= WORK ORDER =
Repeat the line that contains "Engineering drawing of" exactly, along with each following line up to and including the last line of the entries.

= DATA RECORDS =
%%

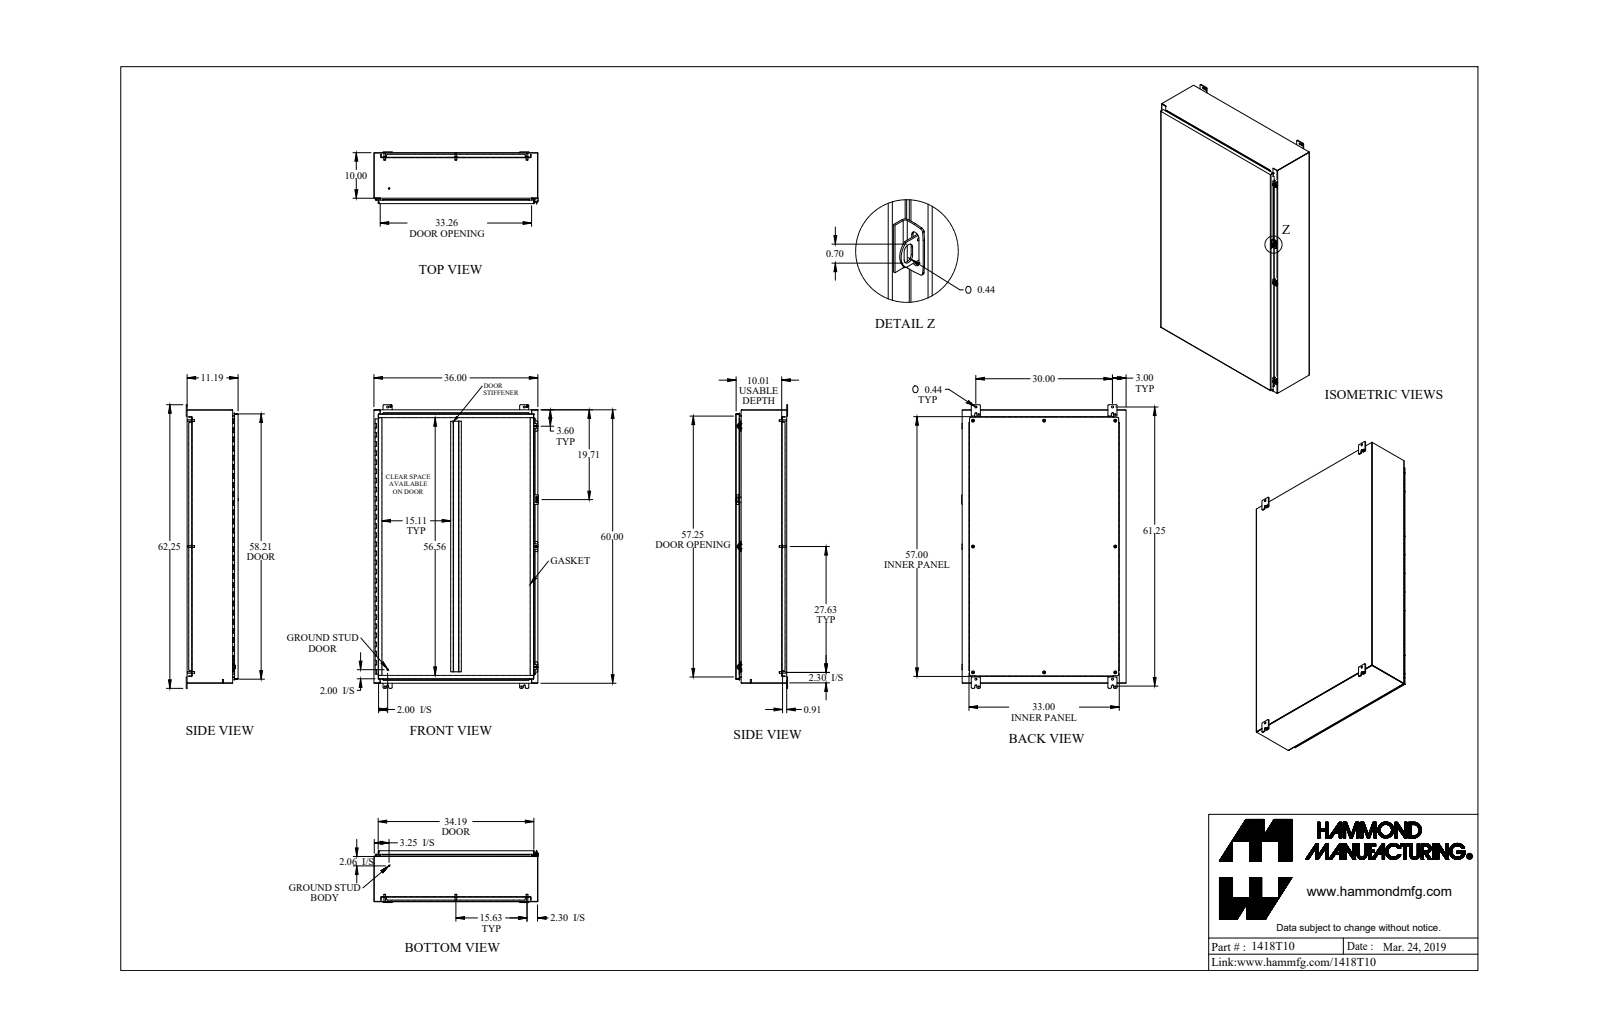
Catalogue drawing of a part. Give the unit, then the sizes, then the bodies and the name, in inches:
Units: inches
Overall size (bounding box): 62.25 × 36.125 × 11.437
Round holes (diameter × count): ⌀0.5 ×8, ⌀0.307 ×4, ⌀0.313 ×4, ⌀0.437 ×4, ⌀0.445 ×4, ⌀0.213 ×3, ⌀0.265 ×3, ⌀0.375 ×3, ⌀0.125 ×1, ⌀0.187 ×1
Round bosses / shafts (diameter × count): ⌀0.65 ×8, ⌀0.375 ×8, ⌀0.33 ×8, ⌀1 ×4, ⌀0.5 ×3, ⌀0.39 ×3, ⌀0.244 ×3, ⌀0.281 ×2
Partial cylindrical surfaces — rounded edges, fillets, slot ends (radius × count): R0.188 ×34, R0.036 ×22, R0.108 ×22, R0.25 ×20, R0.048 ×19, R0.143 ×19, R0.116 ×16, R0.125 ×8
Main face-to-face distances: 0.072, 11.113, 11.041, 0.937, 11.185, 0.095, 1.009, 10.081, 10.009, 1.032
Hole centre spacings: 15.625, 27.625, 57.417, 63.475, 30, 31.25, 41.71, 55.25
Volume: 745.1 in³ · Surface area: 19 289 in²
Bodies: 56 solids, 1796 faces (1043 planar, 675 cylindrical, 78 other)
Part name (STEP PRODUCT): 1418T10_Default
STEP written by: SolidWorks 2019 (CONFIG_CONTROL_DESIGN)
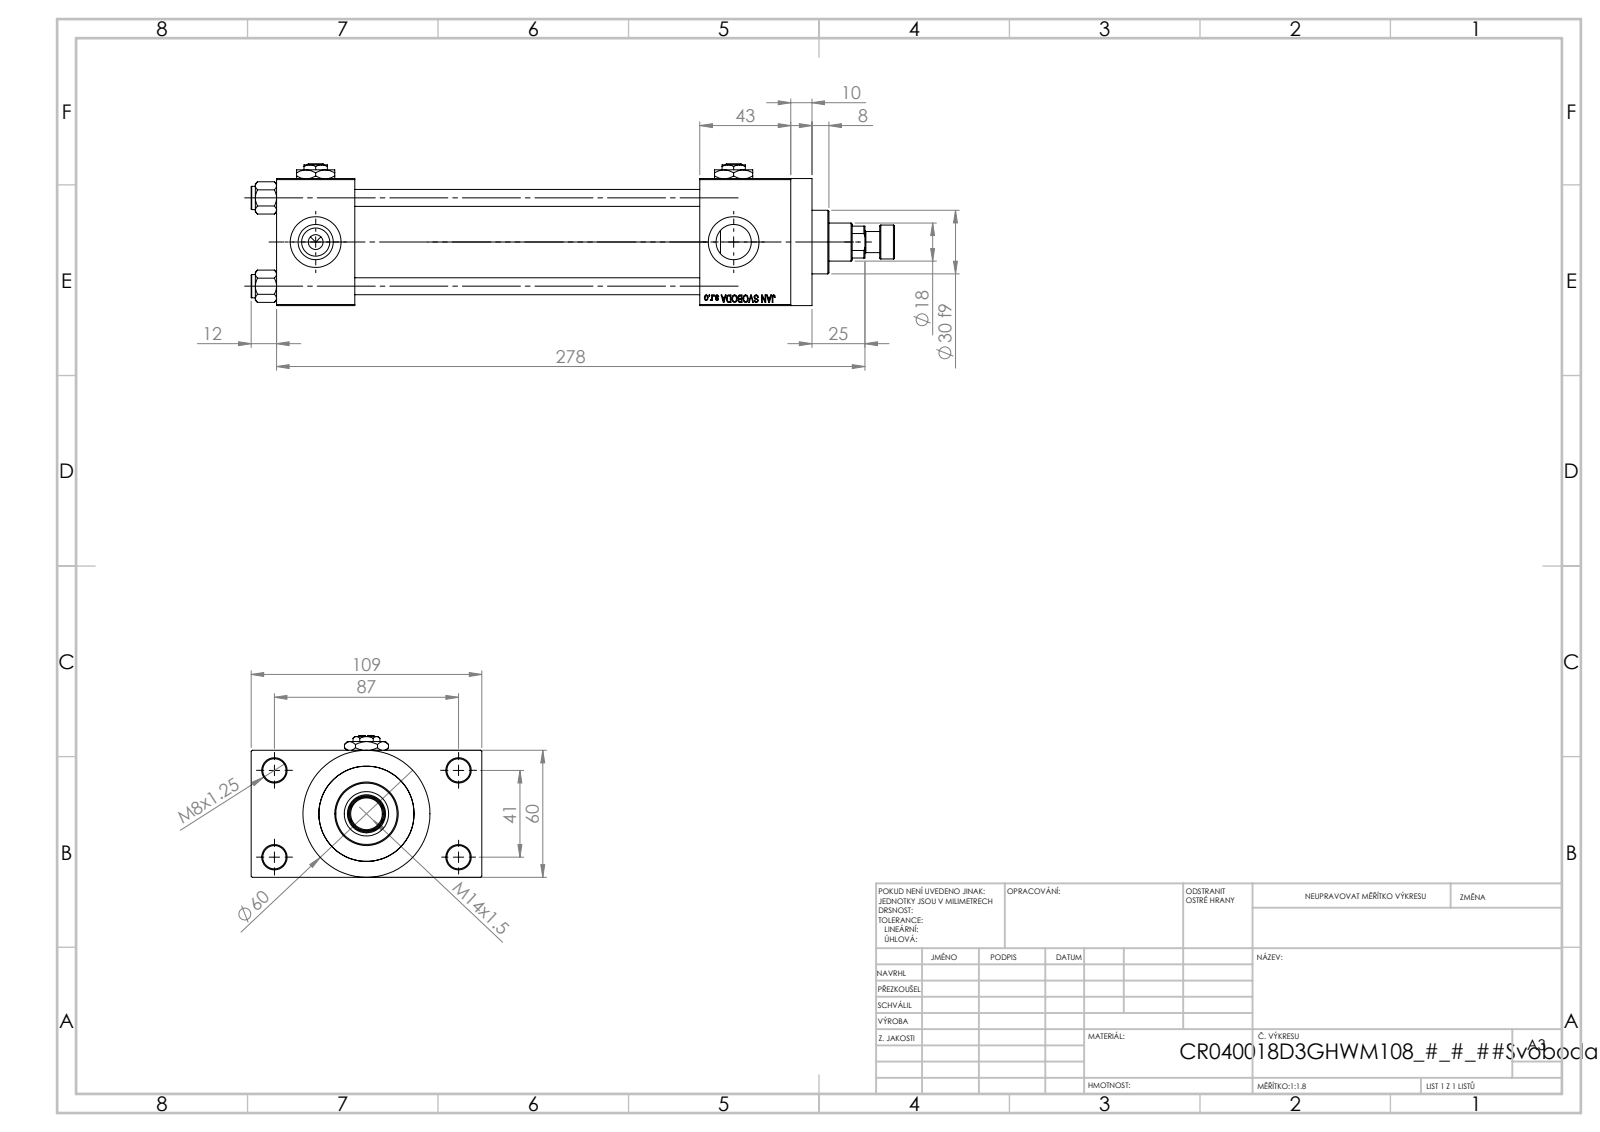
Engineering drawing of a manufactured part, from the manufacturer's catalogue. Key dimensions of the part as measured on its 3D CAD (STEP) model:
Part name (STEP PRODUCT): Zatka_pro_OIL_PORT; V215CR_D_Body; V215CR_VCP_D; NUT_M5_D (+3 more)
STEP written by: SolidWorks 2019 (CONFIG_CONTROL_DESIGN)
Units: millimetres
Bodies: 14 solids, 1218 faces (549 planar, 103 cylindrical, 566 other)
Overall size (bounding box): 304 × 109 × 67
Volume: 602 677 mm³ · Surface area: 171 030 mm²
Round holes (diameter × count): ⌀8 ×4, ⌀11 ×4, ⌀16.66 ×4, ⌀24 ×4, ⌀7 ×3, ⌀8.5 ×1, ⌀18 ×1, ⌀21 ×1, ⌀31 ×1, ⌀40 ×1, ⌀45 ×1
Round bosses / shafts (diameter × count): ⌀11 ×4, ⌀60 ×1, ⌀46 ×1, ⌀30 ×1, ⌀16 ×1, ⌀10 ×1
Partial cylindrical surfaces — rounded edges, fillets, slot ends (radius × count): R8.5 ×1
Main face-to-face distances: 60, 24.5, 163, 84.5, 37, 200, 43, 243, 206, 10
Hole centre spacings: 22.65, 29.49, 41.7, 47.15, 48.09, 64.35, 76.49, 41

%%

= ANSWER BOX =
Engineering drawing of a manufactured part, from the manufacturer's catalogue. Key dimensions of the part as measured on its 3D CAD (STEP) model:
Part name (STEP PRODUCT): Zatka_pro_OIL_PORT; V215CR_D_Body; V215CR_VCP_D; NUT_M5_D (+3 more)
STEP written by: SolidWorks 2019 (CONFIG_CONTROL_DESIGN)
Units: millimetres
Bodies: 14 solids, 1218 faces (549 planar, 103 cylindrical, 566 other)
Overall size (bounding box): 304 × 109 × 67
Volume: 602 677 mm³ · Surface area: 171 030 mm²
Round holes (diameter × count): ⌀8 ×4, ⌀11 ×4, ⌀16.66 ×4, ⌀24 ×4, ⌀7 ×3, ⌀8.5 ×1, ⌀18 ×1, ⌀21 ×1, ⌀31 ×1, ⌀40 ×1, ⌀45 ×1
Round bosses / shafts (diameter × count): ⌀11 ×4, ⌀60 ×1, ⌀46 ×1, ⌀30 ×1, ⌀16 ×1, ⌀10 ×1
Partial cylindrical surfaces — rounded edges, fillets, slot ends (radius × count): R8.5 ×1
Main face-to-face distances: 60, 24.5, 163, 84.5, 37, 200, 43, 243, 206, 10
Hole centre spacings: 22.65, 29.49, 41.7, 47.15, 48.09, 64.35, 76.49, 41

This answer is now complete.